**The problem:** Determine how many lines in the entries below contain "Type", and output that number alone.
= = = = = = =
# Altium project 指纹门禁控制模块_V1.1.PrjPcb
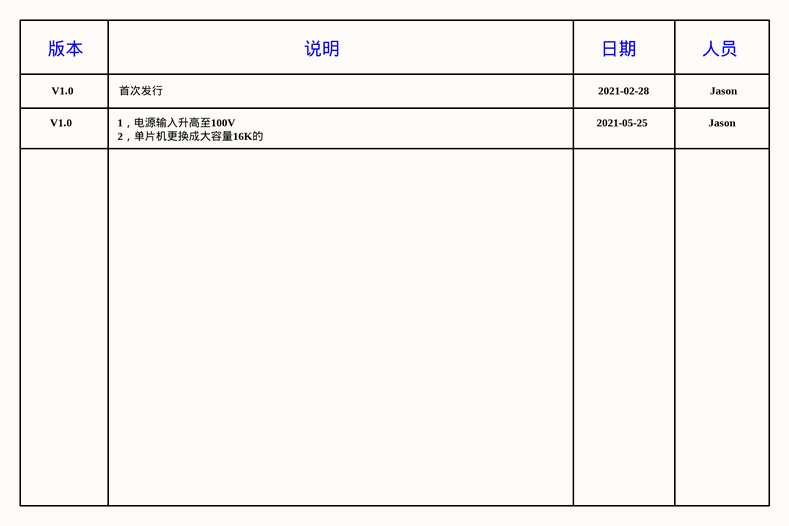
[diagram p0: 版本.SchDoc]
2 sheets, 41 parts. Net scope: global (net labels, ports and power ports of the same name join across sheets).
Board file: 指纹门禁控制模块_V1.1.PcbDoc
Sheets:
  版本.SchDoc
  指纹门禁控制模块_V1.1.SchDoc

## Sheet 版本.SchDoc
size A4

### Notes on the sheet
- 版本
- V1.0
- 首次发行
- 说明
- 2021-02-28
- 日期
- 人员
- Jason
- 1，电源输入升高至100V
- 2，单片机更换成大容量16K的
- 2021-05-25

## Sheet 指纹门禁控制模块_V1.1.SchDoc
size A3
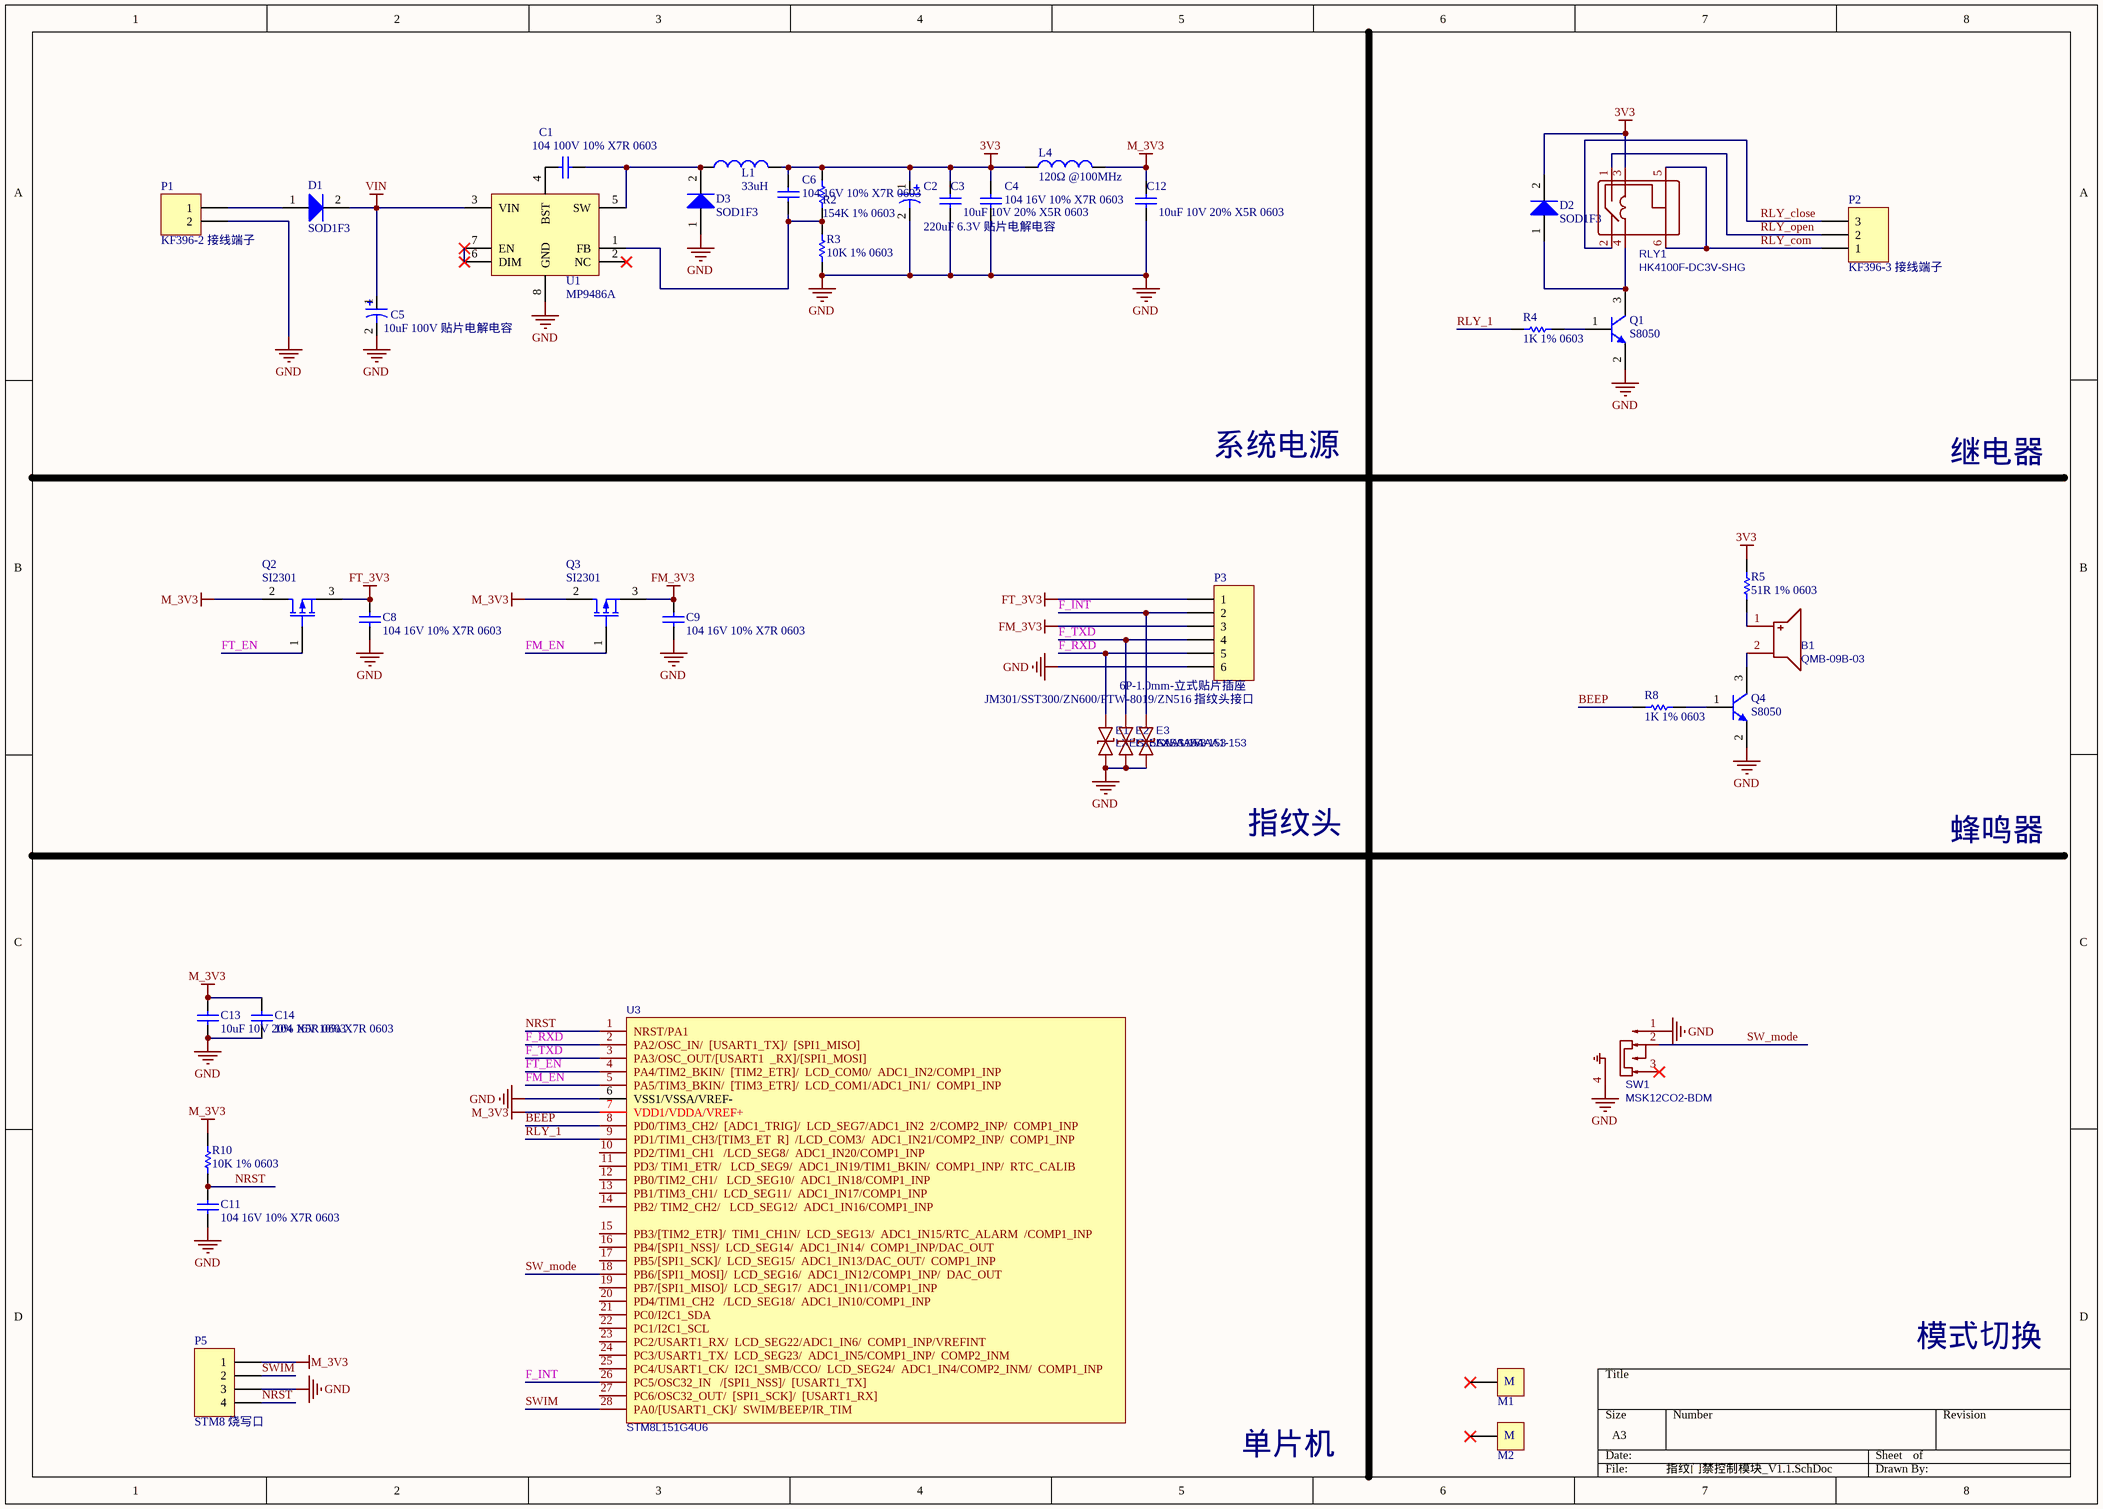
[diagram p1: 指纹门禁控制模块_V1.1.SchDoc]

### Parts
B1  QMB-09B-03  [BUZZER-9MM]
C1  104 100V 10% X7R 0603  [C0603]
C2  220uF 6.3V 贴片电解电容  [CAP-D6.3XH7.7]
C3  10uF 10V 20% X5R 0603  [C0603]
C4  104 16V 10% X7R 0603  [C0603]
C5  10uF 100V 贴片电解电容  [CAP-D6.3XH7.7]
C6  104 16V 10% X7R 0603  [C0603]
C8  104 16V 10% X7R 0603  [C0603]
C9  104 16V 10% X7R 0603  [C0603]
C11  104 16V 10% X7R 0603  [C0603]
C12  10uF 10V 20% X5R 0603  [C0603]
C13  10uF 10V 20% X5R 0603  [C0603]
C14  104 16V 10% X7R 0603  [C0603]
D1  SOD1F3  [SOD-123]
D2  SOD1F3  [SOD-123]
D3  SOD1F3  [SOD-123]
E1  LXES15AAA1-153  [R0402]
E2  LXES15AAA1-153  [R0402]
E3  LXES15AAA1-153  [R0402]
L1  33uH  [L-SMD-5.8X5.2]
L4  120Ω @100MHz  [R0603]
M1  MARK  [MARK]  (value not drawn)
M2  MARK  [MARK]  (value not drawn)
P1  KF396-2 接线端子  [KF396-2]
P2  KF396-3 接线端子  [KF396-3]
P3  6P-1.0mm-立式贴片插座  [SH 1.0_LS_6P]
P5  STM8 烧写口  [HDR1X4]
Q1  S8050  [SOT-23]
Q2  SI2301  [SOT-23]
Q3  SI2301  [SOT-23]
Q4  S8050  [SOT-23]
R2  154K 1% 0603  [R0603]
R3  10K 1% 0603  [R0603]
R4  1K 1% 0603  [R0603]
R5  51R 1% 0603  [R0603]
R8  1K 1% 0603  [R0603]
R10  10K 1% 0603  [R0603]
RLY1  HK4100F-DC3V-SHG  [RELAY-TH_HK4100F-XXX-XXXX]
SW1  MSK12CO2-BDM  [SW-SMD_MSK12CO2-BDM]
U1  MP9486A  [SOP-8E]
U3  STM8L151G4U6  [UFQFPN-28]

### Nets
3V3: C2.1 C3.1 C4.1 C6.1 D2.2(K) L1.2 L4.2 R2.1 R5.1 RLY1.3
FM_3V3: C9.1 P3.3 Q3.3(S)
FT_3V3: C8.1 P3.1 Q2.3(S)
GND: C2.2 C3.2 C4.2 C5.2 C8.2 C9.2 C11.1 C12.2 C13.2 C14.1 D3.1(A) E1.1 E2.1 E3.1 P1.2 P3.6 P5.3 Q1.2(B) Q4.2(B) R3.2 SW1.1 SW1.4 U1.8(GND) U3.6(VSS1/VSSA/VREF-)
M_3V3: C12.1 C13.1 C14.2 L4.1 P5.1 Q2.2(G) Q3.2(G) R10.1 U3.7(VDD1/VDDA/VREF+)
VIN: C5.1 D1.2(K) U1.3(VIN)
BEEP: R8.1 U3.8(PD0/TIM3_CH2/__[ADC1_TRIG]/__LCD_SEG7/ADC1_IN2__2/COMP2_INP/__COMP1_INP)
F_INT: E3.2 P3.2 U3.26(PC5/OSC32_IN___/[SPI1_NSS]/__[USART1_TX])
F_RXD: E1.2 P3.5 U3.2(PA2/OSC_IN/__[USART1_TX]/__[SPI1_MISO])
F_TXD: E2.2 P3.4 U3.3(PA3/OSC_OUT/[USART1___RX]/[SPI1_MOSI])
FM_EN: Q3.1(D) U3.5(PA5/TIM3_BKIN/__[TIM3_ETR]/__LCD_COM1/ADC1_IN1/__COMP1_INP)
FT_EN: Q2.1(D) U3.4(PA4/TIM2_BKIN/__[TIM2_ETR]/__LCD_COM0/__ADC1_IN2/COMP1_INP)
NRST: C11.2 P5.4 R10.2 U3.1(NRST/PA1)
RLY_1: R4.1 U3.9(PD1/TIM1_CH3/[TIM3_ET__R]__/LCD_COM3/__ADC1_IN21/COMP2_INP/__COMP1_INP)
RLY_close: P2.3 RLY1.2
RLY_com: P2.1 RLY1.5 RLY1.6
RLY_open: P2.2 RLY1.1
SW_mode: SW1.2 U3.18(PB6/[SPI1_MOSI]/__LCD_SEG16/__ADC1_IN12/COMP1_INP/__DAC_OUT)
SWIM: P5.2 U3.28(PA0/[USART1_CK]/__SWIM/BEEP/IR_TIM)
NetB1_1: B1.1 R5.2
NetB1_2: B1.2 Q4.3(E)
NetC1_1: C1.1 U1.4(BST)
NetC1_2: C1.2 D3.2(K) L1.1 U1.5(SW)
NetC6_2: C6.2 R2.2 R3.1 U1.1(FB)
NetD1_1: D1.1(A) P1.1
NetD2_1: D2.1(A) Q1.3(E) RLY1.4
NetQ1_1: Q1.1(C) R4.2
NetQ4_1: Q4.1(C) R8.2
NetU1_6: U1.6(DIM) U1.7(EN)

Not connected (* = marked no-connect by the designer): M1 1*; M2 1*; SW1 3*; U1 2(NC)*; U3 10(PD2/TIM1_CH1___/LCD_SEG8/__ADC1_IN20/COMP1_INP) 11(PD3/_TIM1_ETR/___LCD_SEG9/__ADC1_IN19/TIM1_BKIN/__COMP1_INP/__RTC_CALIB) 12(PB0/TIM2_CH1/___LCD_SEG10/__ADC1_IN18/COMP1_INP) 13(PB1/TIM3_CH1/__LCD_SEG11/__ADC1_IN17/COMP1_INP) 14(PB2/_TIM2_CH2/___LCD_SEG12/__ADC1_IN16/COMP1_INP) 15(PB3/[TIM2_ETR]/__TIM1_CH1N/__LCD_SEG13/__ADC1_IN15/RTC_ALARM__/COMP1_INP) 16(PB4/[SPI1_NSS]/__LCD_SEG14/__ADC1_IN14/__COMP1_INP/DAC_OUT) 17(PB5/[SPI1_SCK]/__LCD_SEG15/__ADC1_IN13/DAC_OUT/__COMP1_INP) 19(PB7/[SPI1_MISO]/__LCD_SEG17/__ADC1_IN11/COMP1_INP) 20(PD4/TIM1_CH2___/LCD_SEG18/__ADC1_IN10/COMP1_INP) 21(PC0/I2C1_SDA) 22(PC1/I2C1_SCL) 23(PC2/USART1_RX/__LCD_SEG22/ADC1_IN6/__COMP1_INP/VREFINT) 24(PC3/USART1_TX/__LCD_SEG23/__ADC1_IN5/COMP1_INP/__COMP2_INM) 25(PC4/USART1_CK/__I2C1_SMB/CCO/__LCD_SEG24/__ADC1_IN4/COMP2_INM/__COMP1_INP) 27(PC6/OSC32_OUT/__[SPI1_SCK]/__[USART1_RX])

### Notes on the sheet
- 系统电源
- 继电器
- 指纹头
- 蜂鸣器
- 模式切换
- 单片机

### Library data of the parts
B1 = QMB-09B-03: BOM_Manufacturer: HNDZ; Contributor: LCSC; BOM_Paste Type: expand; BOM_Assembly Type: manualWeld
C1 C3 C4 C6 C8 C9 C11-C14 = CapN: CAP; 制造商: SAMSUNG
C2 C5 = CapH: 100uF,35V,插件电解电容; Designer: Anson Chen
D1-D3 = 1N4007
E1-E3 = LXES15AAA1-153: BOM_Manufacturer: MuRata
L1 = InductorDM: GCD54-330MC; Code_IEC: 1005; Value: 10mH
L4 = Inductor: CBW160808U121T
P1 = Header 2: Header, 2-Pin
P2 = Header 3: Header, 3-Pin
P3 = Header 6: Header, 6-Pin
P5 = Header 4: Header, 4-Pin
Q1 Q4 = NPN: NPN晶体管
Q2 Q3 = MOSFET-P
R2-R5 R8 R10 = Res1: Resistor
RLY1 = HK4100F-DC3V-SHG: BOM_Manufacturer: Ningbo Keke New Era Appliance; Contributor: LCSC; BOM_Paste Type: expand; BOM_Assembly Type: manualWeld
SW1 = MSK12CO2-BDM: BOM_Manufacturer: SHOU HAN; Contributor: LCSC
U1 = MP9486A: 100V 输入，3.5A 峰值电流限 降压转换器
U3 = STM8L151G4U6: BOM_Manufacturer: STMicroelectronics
= = = = = = =
**Solution:** 2